I was about to say the wheels look good, but then the engine photos finally downloaded, and damn that engine is cool. :smokin: :smokin: 

Nice car, you must be well chuffed.


----------



## matt j (Oct 19, 2001)

Thanks guys.

Mike, how's the 300ZX doing?


----------



## kirbz (Nov 13, 2003)

matt j said:


> Thanks guys.
> 
> Mike, how's the 300ZX doing?


going into RB's tomorrow to hopefully sort out my boost problem and hopefully get them to look after it with the mapping etc so fingers crossed 

whens yours going in for its 200 shot  ??


----------



## matt j (Oct 19, 2001)

kirbz said:


> Whens yours going in for its 200 shot  ??


Shush! 

That's cheating........

lol.


----------



## kirbz (Nov 13, 2003)

matt j said:


> Shush!
> 
> That's cheating........
> 
> lol.


ooooops sorry


----------



## smileyculture (Oct 25, 2003)

Those projector headlamps look cool matt,what was involved in making those.


----------



## Daz (Aug 14, 2001)

Matt - your car is absolutely stunning mate.


----------



## matt j (Oct 19, 2001)

smileyculture said:


> Those projector headlamps look cool matt,what was involved in making those.


A couple of Audi A6 Bi-Xenon units and brackets I designed and had fabricated at BAE.  
They're 'quite' bright. lol

I didn't bother with making shrouds though as I thought they looked ok without them.



















Not the best picture, but you get the idea...


----------



## andyneed4speed (Sep 2, 2005)

*Wow!*

Now THAT is what a 33 should look like:smokin: 

Now I've got something to aspire to!

What are the wheels mate - they're just what I've been looking for, a bit different to the "usual suspects". Are they 19's? I presume they're pretty wide judging by the extra, extra wheel arch extensions?

Cheers,

Andy


----------



## NITO (Nov 19, 2003)

The car looks fantastic Matt. Are those wheels new? I didn't remember them before.

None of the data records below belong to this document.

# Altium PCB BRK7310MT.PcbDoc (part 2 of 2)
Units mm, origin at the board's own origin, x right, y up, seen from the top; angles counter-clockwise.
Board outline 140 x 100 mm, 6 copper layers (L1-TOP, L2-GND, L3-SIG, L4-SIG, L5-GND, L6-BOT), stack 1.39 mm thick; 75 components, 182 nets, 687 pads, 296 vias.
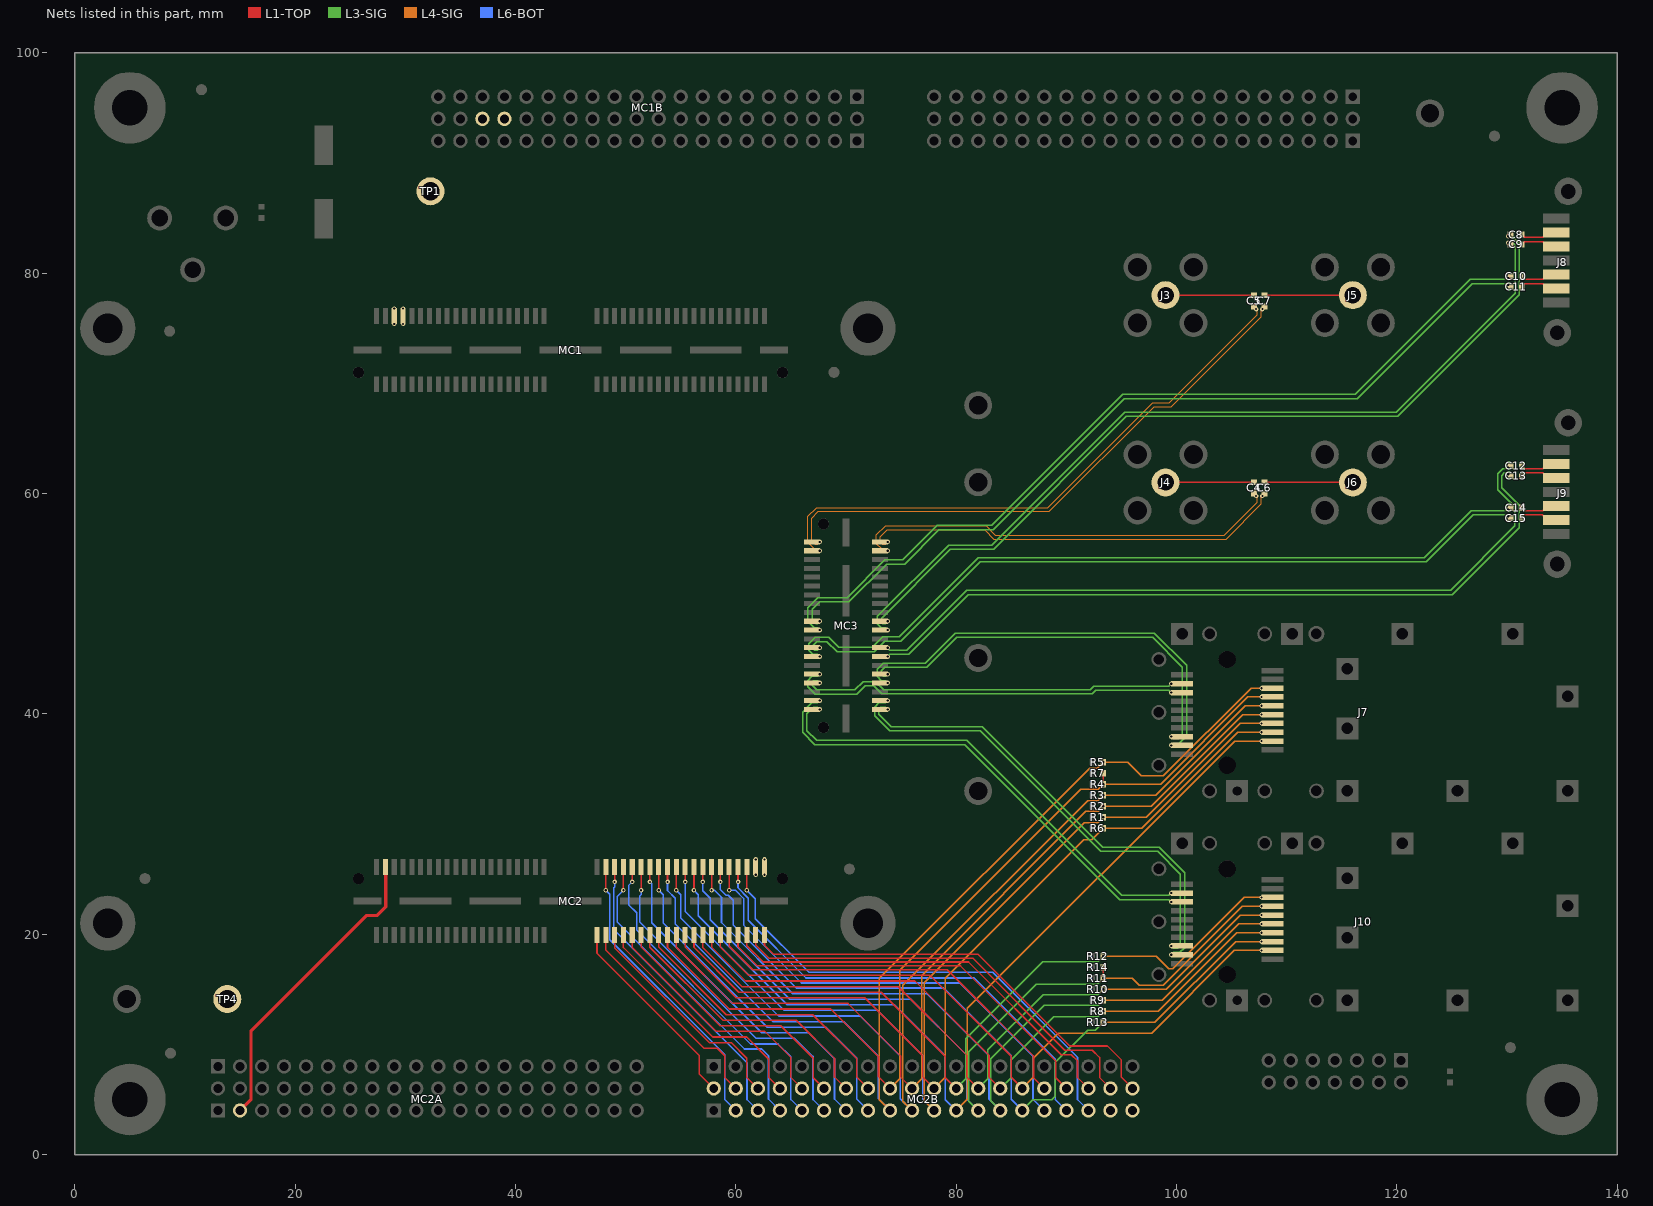
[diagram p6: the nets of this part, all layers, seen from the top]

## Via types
v1: diameter 0.406, hole 0.203, L1-TOP to L6-BOT, tented both sides, 296 vias

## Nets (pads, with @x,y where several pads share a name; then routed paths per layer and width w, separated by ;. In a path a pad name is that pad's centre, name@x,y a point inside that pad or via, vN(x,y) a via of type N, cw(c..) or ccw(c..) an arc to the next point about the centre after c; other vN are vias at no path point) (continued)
MC2_42: MC2.42 MC2B.2 | length 18.5
  L1-TOP w0.146: MC2.42@47.4,20.135 47.4,18.278 56.693,8.986 56.693,7.307 MC2B.2@58,6
MC2_43: MC2.43 MC2B.3 | length 26.8
  L1-TOP w0.146: v1(48.2,23.981) MC2.43@48.2,25.865
  L6-BOT w0.146: v1(48.2,23.981) 48.565,23.617 48.565,19.507 58.979,9.093 58.979,5.021 MC2B.3@60,4
MC2_44: MC2.44 MC2B.4 | length 19.7
  L1-TOP w0.146: MC2.44@48.2,20.135 48.2,18.555 57.103,9.652 58.322,9.652 59,8.974 59,7 MC2B.4@60,6
MC2_45: MC2.45 MC2B.5 | length 27.5
  L1-TOP w0.146: MC2.45@48.971,26.01 49,25.98 v1(49,24.743)
  L6-BOT w0.146: v1(49,24.743) 49,24.29 48.92,24.21 48.92,20.422 61.011,8.331 61.011,4.989 MC2B.5@62,4
MC2_46: MC2.46 MC2B.6 | length 20.7
  L1-TOP w0.146: MC2.46@49,20.135 49,18.745 57.586,10.16 59.592,10.16 61,8.752 61,7 MC2B.6@62,6
MC2_47: MC2.47 MC2B.7 | length 29.1
  L1-TOP w0.146: v1(49.801,23.981) MC2.47@49.801,25.865
  L6-BOT w0.146: v1(49.801,23.981) 49.225,23.406 49.225,21.133 60.782,9.576 62.361,9.576 62.967,8.97 62.967,5.033 MC2B.7@64,4
MC2_48: MC2.48 MC2B.8 | length 21.8
  L1-TOP w0.146: MC2.48@49.801,20.135 49.801,18.783 57.916,10.668 60.989,10.668 63,8.657 63,7 MC2B.8@64,6
MC2_49: MC2.49 MC2B.9 | length 30.2
  L1-TOP w0.146: MC2.49@50.571,26.06 50.601,26.031 v1(50.601,24.743)
  L6-BOT w0.146: v1(50.601,24.743) 50.267,24.409 50.267,22.683 51,21.949 51,20.374 61.341,10.033 63.834,10.033 65,8.867 65,5 MC2B.9@66,4
MC2_50: MC2.50 MC2B.10 | length 23.1
  L1-TOP w0.146: MC2.50@50.601,20.135 50.601,18.796 58.221,11.176 62.64,11.176 65,8.816 65,7 MC2B.10@66,6
MC2_51: MC2.51 MC2B.11 | length 31
  L1-TOP w0.146: v1(51.401,23.981) MC2.51@51.401,25.865
  L6-BOT w0.146: v1@51.342,24.04 v1@51.401,24.1 ; v1(51.401,23.981) 51.401,23.592 51.283,23.473 51.283,21.107 61.849,10.541 65.358,10.541 67.005,8.894 67.005,4.995 MC2B.11@68,4
MC2_52: MC2.52 MC2B.12 | length 24.2
  L1-TOP w0.146: MC2.52@51.401,20.135 51.401,18.851 58.567,11.684 64.088,11.684 67.031,8.741 67.031,6.969 MC2B.12@68,6
MC2_53: MC2.53 MC2B.13 | length 31.9
  L1-TOP w0.146: MC2.53@52.172,25.984 52.201,25.955 v1(52.201,24.743)
  L6-BOT w0.146: v1(52.201,24.743) 52.375,24.569 52.375,21.031 62.357,11.049 66.603,11.049 68.961,8.691 68.961,5.039 MC2B.13@70,4
MC2_54: MC2.54 MC2B.14 | length 25.4
  L1-TOP w0.146: MC2.54@52.201,20.135 52.201,18.821 58.83,12.192 65.485,12.192 68.961,8.716 68.961,7.039 MC2B.14@70,6
MC2_55: MC2.55 MC2B.15 | length 32.8
  L1-TOP w0.146: v1(53.001,23.981) MC2.55@53.001,25.865
  L6-BOT w0.146: v1(53.001,23.981) 53.416,23.566 53.416,21.006 62.865,11.557 68.152,11.557 70.968,8.741 70.968,5.032 MC2B.15@72,4
MC2_56: MC2.56 MC2B.16 | length 26.6
  L1-TOP w0.146: MC2.56@53.001,20.135 53.001,18.834 59.135,12.7 66.984,12.7 70.993,8.691 70.993,7.007 MC2B.16@72,6
MC2_71: MC2.71 MC2B.31 | length 42.5
  L1-TOP w0.146: v1(59.402,23.981) MC2.71@59.402,25.865
  L6-BOT w0.146: v1(59.402,23.981) 59.966,23.981 60.706,23.241 60.706,20.828 65.964,15.57 80.319,15.57 86.97,8.919 86.97,5.03 MC2B.31@88,4
MC2_72: MC2.72 MC2B.32 | length 36.3
  L1-TOP w0.146: MC2.72@59.402,20.135 59.402,18.894 61.531,16.764 79.201,16.764 87.02,8.945 87.02,6.98 MC2B.32@88,6
MC2_73: MC2.73 MC2B.33 | length 43.3
  L1-TOP w0.146: v1(60.202,24.743) 60.202,25.946 MC2.73@60.249,25.993
  L6-BOT w0.146: v1(60.202,24.743) 60.202,24.202 61.138,23.266 61.138,21.26 66.37,16.027 81.636,16.027 89.002,8.661 89.002,4.998 MC2B.33@90,4
MC2_74: MC2.74 MC2B.34 | length 37.1
  L1-TOP w0.146: MC2.74@60.202,19.914 60.202,18.868 61.951,17.12 80.391,17.12 89.027,8.484 89.027,6.973 MC2B.34@90,6
MC2_75: MC2.75 MC2B.35 | length 44.5
  L1-TOP w0.146: v1(61.002,23.981) MC2.75@61.002,25.865
  L6-BOT w0.146: v1(61.002,23.981) 61.773,23.211 61.773,21.412 66.65,16.535 83.312,16.535 91.008,8.839 91.008,4.992 MC2B.35@92,4
MC2_76: MC2.76 MC2B.36 | length 38.2
  L1-TOP w0.146: MC2.76@61.002,19.914 61.002,18.957 62.484,17.475 81.128,17.475 89.535,9.068 90.449,9.068 91.008,8.509 91.008,6.992 MC2B.36@92,6
MC2_78: MC2.78 MC2B.38 | length 39.6
  L1-TOP w0.146: MC2.78@61.802,19.914 61.802,19.021 62.992,17.831 81.509,17.831 89.865,9.474 92.354,9.474 93.015,8.814 93.015,6.985 MC2B.38@94,6
MC2_80: MC2.80 MC2B.40 | length 40.6
  L1-TOP w0.146: MC2.80@62.602,19.914 62.602,19.008 63.449,18.161 81.991,18.161 90.297,9.855 93.726,9.855 94.996,8.585 94.996,7.004 MC2B.40@96,6
MGTREFCLK0N: C4.2 MC3.38 | length 39.2
  L4-SIG w0.107: v1(73.782,54.801) 73.562,55.021 73.18,55.021 72.766,55.435 72.766,56.233 73.587,57.053 82.723,57.053 83.566,56.21 104.341,56.21 107.325,59.194 107.325,59.658 v1(107.213,59.77)
MGTREFCLK0P: C6.2 MC3.40 | length 38.6
  L4-SIG w0.107: v1(73.782,55.601) 73.562,55.381 73.33,55.381 73.127,55.584 73.127,56.083 73.736,56.693 82.573,56.693 83.417,55.85 104.491,55.85 107.686,59.045 107.686,59.658 v1(107.798,59.77)
MGTREFCLK1N: C5.2 MC3.37 | length 52.7
  L4-SIG w0.107: v1(67.61,54.801) 67.39,55.021 67.059,55.021 66.518,55.562 66.518,57.909 67.333,58.725 88.316,58.725 97.82,68.229 99.355,68.229 107.325,76.2 107.325,76.625 v1(107.213,76.737)
MGTREFCLK1P: C7.2 MC3.39 | length 52.1
  L4-SIG w0.107: v1(67.61,55.601) 67.39,55.381 67.208,55.381 66.878,55.711 66.878,57.76 67.483,58.364 88.465,58.364 97.97,67.869 99.504,67.869 107.686,76.051 107.686,76.625 v1(107.798,76.737)
NetC4_1: C4.1 J4.1 | length 8
  L1-TOP w0.133: J4.1@99,61 99.017,61.017 C4.1@107.036,61.017
NetC5_1: C5.1 J3.1 | length 8
  L1-TOP w0.133: J3.1@99,78 99.016,77.984 C5.1@107.036,77.984
NetC6_1: C6.1 J6.1 | length 8
  L1-TOP w0.133: C6.1@107.975,61.017 115.983,61.017 J6.1@116,61
NetC7_1: C7.1 J5.1 | length 8
  L1-TOP w0.133: C7.1@107.975,77.984 115.984,77.984 J5.1@116,78
SATA_1_TXA+: C8.2 MC3.22 | length 77.1
  L3-SIG w0.127: v1(73.782,48.4) 73.573,48.191 73.349,48.191 73.228,48.311 73.228,48.692 79.477,54.94 83.388,54.94 95.453,67.005 120.097,67.005 131.115,78.023 131.115,82.682 130.561,83.236 130.218,83.236 v1(130.104,83.35)
SATA_1_TXA+_C: C8.1 J8.2 | length 3.4
  L1-TOP w0.133: C8.1@131.328,83.502 131.589,83.241 133.228,83.241 133.672,83.685 J8.2@134.45,83.685
SATA_1_TXA-: C9.2 MC3.20 | length 77.1
  L3-SIG w0.127: v1(73.782,47.6) 73.573,47.81 73.191,47.81 72.847,48.153 72.847,48.85 79.319,55.321 83.23,55.321 95.295,67.386 119.939,67.386 130.734,78.181 130.734,82.524 130.404,82.855 130.218,82.855 v1(130.104,82.74)
SATA_1_TXA-_C: C9.1 J8.3 | length 3.4
  L1-TOP w0.133: C9.1@131.328,82.605 131.582,82.86 133.218,82.86 133.663,82.415 J8.3@134.45,82.415
SATA_1_TXB+: C11.2 MC3.21 | length 77.3
  L3-SIG w0.127: v1(67.61,48.4) 67.4,48.191 67.285,48.191 66.929,48.546 66.929,49.479 67.615,50.165 70.261,50.165 73.69,53.594 75.316,53.594 78.441,56.718 83.368,56.718 95.255,68.605 116.388,68.605 126.823,79.041 129.985,79.041 v1(130.104,78.922)
SATA_1_TXB+_C: C11.1 J8.6 | length 3.4
  L1-TOP w0.133: C11.1@131.328,78.778 131.599,79.05 133.244,79.05 133.688,78.605 J8.6@134.45,78.605
SATA_1_TXB-: C10.2 MC3.19 | length 78.6
  L3-SIG w0.127: v1(67.61,47.6) 67.4,47.81 67.127,47.81 66.548,48.388 66.548,49.637 67.457,50.546 70.104,50.546 73.533,53.975 75.159,53.975 78.283,57.099 83.21,57.099 95.098,68.986 116.23,68.986 126.666,79.422 129.985,79.422 v1(130.104,79.54)
SATA_1_TXB-_C: C10.1 J8.5 | length 3.4
  L1-TOP w0.133: C10.1@131.328,79.692 131.589,79.431 133.228,79.431 133.672,79.875 J8.5@134.45,79.875
SATA_2_TXA+: C12.2 MC3.16 | length 68.3
  L3-SIG w0.127: v1(73.782,46) 73.992,45.79 75.534,45.79 80.95,51.206 124.866,51.206 130.708,57.048 130.708,58.776 129.134,60.35 129.134,61.778 129.598,62.243 129.987,62.243 v1(130.104,62.36)
SATA_2_TXA+_C: C12.1 J9.2 | length 3.4
  L1-TOP w0.133: C12.1@131.328,62.512 131.6,62.241 133.234,62.241 133.678,62.685 J9.2@134.45,62.685
SATA_2_TXA-: C13.2 MC3.14 | length 68.3
  L3-SIG w0.127: v1(73.782,45.2) 73.992,45.409 75.691,45.409 81.108,50.825 125.024,50.825 131.089,56.891 131.089,58.933 129.515,60.508 129.515,61.62 129.756,61.862 129.987,61.862 v1(130.104,61.745)
SATA_2_TXA-_C: C13.1 J9.3 | length 3.4
  L1-TOP w0.133: C13.1@131.328,61.598 131.589,61.86 133.238,61.86 133.682,61.415 J9.3@134.45,61.415
SATA_2_TXB+: C15.2 MC3.15 | length 69.8
  L3-SIG w0.127: v1(67.61,46) 67.4,45.79 67.158,45.79 67,45.949 67,46.197 67.361,46.558 68.275,46.558 69.19,45.644 72.548,45.644 73.513,46.609 74.986,46.609 82.174,53.797 122.662,53.797 126.92,58.055 129.989,58.055 v1(130.104,57.94)
SATA_2_TXB+_C: C15.1 J9.6 | length 3.4
  L1-TOP w0.133: C15.1@131.328,57.763 131.615,58.05 133.212,58.05 133.657,57.605 J9.6@134.45,57.605
SATA_2_TXB-: C14.2 MC3.13 | length 71.1
  L3-SIG w0.127: v1(67.61,45.2) 67.4,45.409 67.001,45.409 66.619,45.791 66.619,46.355 67.203,46.939 68.433,46.939 69.347,46.025 72.39,46.025 73.355,46.99 74.828,46.99 82.017,54.178 122.504,54.178 126.762,58.436 129.989,58.436 v1(130.104,58.55)
SATA_2_TXB-_C: C14.1 J9.5 | length 3.4
  L1-TOP w0.133: C14.1@131.328,58.702 131.6,58.431 133.259,58.431 133.703,58.875 J9.5@134.45,58.875
SFP1_LOS: J7.8 MC2.57 MC2B.17 R5.2 | length 93.2
  L1-TOP w0.146: MC2.57@53.797,26.031 53.801,26.027 v1(53.801,24.743)
  L4-SIG w0.124: MC2B.17@74,4 73.025,4.975 73.025,16.006 92.1,35.081 92.809,35.081 v1(93.345,35.617) 95.552,35.617 96.799,34.37 98.81,34.37 106.77,42.33 v1(107.717,42.33)
  L6-BOT w0.146: v1(53.801,24.743) 53.801,23.969 54.508,23.261 54.508,20.93 63.373,12.065 69.803,12.065 72.949,8.919 72.949,5.051 MC2B.17@74,4
SFP1_MOD_DEF_0: J7.6 MC2.59 MC2B.19 R3.2 | length 89.8
  L1-TOP w0.146: v1(54.601,23.981) MC2.59@54.601,25.865
  L4-SIG w0.124: MC2B.19@76,4 75.159,4.841 75.159,15.345 91.923,32.109 92.837,32.109 v1(93.345,32.617) 98.124,32.617 106.237,40.73 v1(107.717,40.73)
  L6-BOT w0.146: v1(54.601,23.981) 54.991,23.592 54.991,21.463 63.881,12.573 71.302,12.573 74.93,8.945 74.93,5.07 MC2B.19@76,4
SFP1_MOD_DEF_1: J7.5 MC2.60 MC2B.20 R2.2 | length 80.4
  L1-TOP w0.146: MC2.60@54.601,20.135 54.601,18.809 59.694,13.716 70.184,13.716 74.955,8.945 74.955,7.045 MC2B.20@76,6
  L4-SIG w0.124: MC2B.20@76,6 76.86,6.86 76.86,16.234 91.77,31.144 92.872,31.144 v1(93.345,31.617) 97.708,31.617 106.021,39.93 v1(107.717,39.93)
SFP1_MOD_DEF_2: J7.4 MC2.61 MC2B.21 R1.2 | length 88.8
  L1-TOP w0.146: v1(55.401,24.743) 55.401,26.09 MC2.61@55.448,26.137
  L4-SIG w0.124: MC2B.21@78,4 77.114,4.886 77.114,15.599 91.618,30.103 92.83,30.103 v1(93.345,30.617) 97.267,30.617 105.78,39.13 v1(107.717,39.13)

How's it running? What boost are you at now?

Regards
Nito


----------



## whoflungdung (May 7, 2005)

That looks very nice Matt :smokin: 

And also looks very,very,very expensive  

All those toys, you lucky boy!


----------



## dongol (Jul 15, 2003)

Now that is one fantastic mint R33!!! and the only other one ive seen with a veilside rear bumper like mine:smokin:,im intrested to know what side skirts you have they suit the style?


----------



## Bean (Oct 12, 2001)

Matt - WOW, that is awesome !!! :smokin: 
The wheels really set it off and that grill badge is


----------



## DCD (Jun 28, 2001)

Very nice car indeed. Good choice of wheels and that engine....wow! (love the "built in England bit" LOL)


----------



## matt j (Oct 19, 2001)

Kirbz - naughty boy, lol!

The wheels are Volk Racing 19x10 CE28N's.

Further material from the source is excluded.